Extracted data:
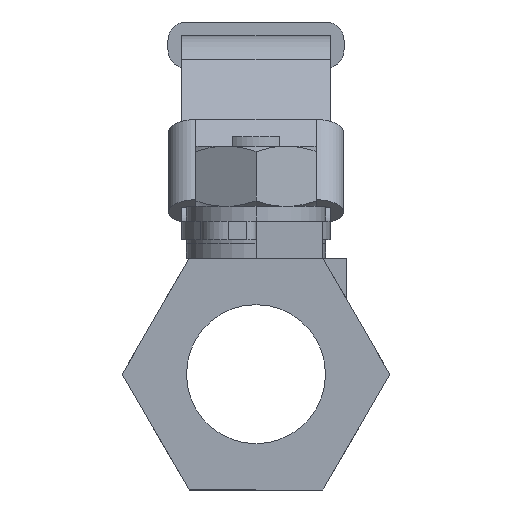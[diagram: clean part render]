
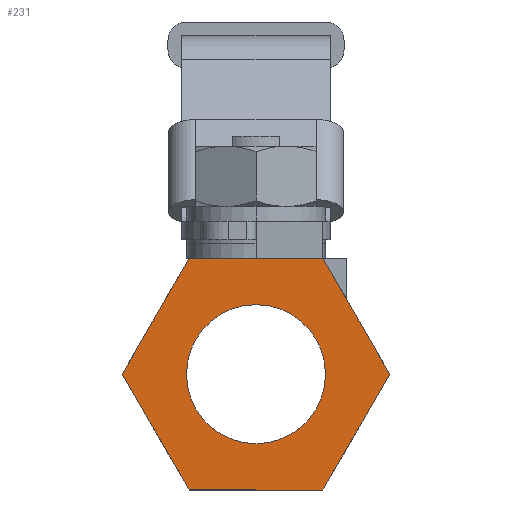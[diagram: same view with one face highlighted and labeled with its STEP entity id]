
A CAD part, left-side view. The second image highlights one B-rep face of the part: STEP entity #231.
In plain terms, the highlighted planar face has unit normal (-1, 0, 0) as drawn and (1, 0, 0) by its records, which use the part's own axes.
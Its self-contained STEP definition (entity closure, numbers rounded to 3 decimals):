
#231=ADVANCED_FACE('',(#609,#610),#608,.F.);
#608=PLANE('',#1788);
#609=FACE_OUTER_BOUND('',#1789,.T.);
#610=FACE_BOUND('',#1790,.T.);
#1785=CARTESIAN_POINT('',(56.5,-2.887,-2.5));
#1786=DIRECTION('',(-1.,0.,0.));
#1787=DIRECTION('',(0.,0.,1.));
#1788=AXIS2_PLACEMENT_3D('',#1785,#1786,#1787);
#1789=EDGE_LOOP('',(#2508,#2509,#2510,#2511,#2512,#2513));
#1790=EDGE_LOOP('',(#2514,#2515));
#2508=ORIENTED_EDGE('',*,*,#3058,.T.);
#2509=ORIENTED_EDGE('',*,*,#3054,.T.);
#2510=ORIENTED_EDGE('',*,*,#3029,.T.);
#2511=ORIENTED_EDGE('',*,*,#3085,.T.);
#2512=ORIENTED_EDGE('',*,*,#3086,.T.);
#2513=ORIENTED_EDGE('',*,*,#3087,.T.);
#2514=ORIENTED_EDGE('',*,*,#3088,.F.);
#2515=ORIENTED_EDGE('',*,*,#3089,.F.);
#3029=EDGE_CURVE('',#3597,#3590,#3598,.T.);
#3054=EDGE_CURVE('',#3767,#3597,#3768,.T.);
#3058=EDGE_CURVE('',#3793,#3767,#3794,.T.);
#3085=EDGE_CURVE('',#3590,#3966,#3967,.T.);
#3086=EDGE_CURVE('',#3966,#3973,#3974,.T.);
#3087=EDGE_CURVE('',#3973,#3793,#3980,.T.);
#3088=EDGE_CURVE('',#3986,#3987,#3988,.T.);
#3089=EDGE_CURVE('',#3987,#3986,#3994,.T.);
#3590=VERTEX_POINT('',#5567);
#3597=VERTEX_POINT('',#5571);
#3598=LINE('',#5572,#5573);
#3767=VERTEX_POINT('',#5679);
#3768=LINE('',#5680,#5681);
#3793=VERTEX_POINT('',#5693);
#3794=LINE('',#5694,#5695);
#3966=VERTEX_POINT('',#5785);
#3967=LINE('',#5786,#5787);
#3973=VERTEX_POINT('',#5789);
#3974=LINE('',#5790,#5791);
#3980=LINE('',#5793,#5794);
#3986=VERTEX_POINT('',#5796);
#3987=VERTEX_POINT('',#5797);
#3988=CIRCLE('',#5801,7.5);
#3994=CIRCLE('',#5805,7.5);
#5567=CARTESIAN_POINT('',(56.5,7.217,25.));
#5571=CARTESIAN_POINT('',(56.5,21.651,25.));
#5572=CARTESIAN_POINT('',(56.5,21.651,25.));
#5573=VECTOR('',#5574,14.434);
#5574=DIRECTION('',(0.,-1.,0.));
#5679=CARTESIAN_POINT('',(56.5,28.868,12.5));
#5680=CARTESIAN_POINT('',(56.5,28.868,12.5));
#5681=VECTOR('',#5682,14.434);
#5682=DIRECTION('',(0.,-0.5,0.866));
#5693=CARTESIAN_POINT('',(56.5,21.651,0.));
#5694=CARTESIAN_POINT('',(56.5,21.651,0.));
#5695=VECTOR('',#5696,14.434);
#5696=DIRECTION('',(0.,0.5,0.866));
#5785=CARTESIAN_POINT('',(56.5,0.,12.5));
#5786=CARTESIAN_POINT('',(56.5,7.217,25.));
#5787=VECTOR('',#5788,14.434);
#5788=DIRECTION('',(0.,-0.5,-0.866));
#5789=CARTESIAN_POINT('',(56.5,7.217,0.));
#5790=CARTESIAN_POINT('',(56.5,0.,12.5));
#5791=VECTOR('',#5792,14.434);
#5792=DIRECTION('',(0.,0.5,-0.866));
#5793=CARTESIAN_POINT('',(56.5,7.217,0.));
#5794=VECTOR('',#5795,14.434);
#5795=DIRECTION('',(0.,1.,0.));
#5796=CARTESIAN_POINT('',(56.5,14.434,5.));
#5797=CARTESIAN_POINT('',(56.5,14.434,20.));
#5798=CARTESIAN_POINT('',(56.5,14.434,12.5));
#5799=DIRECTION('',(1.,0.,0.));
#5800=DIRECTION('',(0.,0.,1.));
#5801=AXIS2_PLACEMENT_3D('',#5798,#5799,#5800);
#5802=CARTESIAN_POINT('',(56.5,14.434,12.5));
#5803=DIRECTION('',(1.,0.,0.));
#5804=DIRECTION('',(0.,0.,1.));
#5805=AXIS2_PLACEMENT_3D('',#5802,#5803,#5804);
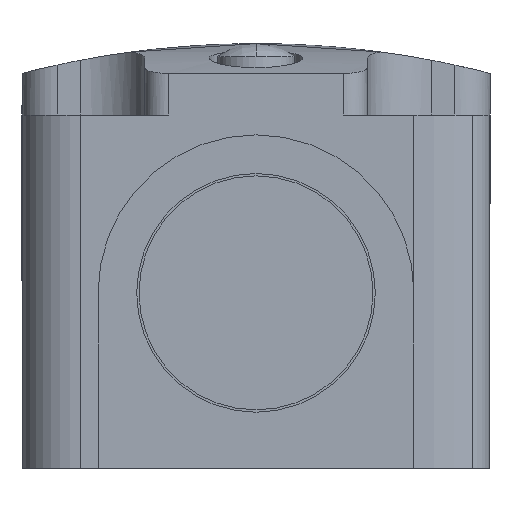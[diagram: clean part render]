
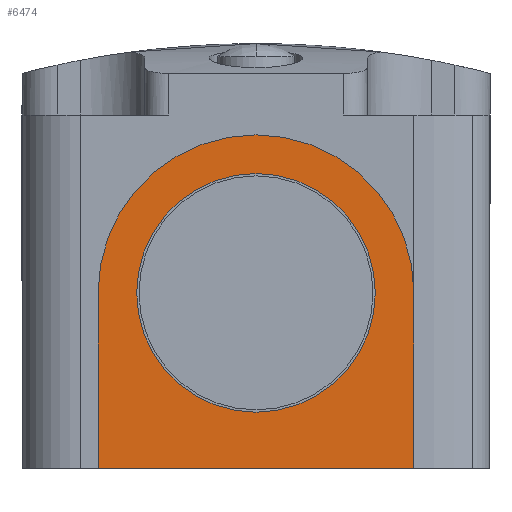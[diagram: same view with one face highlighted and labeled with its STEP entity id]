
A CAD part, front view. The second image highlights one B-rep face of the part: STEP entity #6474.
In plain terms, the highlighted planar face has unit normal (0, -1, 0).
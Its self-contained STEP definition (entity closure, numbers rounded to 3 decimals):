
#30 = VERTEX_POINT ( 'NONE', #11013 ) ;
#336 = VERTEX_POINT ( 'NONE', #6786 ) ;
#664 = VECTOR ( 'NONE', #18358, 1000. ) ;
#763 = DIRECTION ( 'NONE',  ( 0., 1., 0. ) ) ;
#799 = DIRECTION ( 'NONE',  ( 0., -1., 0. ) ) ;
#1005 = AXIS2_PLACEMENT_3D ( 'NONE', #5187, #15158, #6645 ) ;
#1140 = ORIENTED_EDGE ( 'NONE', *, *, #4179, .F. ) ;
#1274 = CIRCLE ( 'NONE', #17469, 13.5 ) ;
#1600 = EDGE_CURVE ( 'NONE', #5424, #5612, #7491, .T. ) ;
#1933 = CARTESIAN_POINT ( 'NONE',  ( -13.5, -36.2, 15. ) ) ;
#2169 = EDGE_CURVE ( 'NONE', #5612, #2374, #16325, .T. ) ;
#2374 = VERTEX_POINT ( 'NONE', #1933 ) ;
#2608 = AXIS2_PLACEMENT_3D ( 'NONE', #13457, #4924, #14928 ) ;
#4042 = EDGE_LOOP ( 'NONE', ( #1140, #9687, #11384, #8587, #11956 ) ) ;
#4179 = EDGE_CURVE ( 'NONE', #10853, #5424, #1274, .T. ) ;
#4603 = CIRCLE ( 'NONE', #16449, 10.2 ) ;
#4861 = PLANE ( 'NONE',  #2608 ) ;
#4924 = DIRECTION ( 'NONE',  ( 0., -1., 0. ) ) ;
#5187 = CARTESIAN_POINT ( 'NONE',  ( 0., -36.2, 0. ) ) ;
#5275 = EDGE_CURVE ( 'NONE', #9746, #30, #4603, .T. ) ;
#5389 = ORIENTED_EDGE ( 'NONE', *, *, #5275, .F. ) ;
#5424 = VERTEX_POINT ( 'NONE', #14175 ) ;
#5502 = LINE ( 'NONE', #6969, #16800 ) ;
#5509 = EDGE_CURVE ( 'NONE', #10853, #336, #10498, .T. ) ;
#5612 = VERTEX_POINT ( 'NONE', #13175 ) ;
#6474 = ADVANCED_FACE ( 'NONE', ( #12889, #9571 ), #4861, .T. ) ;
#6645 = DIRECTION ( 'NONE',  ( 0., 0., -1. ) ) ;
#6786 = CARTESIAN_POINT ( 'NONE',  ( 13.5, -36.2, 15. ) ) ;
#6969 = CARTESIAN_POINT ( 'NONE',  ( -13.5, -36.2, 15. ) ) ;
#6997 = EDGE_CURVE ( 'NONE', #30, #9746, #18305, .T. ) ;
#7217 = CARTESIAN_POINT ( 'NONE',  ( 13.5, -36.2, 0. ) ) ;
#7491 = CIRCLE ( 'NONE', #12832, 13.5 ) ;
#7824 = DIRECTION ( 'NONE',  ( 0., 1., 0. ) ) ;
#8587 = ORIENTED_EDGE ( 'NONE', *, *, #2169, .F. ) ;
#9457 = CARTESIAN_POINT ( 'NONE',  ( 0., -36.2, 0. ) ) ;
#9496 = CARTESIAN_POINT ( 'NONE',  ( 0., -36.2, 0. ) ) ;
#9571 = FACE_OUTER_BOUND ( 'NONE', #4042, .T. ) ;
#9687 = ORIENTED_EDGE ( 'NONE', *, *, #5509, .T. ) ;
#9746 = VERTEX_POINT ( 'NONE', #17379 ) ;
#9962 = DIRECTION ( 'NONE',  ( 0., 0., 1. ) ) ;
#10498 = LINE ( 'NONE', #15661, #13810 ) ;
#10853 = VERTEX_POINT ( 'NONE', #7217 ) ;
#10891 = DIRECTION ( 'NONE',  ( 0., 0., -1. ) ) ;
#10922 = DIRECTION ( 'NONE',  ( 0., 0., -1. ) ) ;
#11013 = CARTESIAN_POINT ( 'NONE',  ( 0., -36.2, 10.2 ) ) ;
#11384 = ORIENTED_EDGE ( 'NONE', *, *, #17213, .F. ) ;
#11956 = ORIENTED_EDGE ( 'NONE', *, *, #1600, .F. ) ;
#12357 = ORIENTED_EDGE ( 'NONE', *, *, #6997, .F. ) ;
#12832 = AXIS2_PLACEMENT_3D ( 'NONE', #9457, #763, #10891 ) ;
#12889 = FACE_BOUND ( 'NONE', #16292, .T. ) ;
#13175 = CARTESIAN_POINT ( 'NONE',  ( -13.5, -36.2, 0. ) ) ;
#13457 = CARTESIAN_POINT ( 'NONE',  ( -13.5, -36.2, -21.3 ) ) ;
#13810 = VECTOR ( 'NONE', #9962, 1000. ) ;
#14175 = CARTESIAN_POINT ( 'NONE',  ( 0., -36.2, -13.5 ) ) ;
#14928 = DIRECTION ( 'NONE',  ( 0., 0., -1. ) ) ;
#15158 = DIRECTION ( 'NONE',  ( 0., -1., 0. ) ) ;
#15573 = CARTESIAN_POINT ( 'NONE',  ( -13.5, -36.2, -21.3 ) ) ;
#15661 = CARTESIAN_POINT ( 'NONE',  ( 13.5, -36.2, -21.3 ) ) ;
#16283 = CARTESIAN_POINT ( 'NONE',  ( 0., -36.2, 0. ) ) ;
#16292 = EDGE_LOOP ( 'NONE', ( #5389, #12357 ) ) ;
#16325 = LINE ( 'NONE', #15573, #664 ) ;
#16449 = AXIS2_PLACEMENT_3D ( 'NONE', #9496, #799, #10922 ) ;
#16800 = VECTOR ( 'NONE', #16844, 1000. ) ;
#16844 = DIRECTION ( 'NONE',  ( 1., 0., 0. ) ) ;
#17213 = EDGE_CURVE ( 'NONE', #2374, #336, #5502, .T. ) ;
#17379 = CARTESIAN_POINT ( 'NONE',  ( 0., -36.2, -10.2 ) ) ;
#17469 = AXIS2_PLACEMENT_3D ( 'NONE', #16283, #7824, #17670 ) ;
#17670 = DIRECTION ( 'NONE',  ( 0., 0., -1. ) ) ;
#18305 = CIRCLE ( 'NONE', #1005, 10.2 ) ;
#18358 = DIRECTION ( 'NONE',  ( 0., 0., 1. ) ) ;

Problem to solve:
Identify each line in the records above containing the word "CIRCLE"; copy those lines.

Answer area:
#3988=CIRCLE('',#5801,7.5);
#3994=CIRCLE('',#5805,7.5);
#1274 = CIRCLE ( 'NONE', #17469, 13.5 ) ;
#4603 = CIRCLE ( 'NONE', #16449, 10.2 ) ;
#7491 = CIRCLE ( 'NONE', #12832, 13.5 ) ;
#18305 = CIRCLE ( 'NONE', #1005, 10.2 ) ;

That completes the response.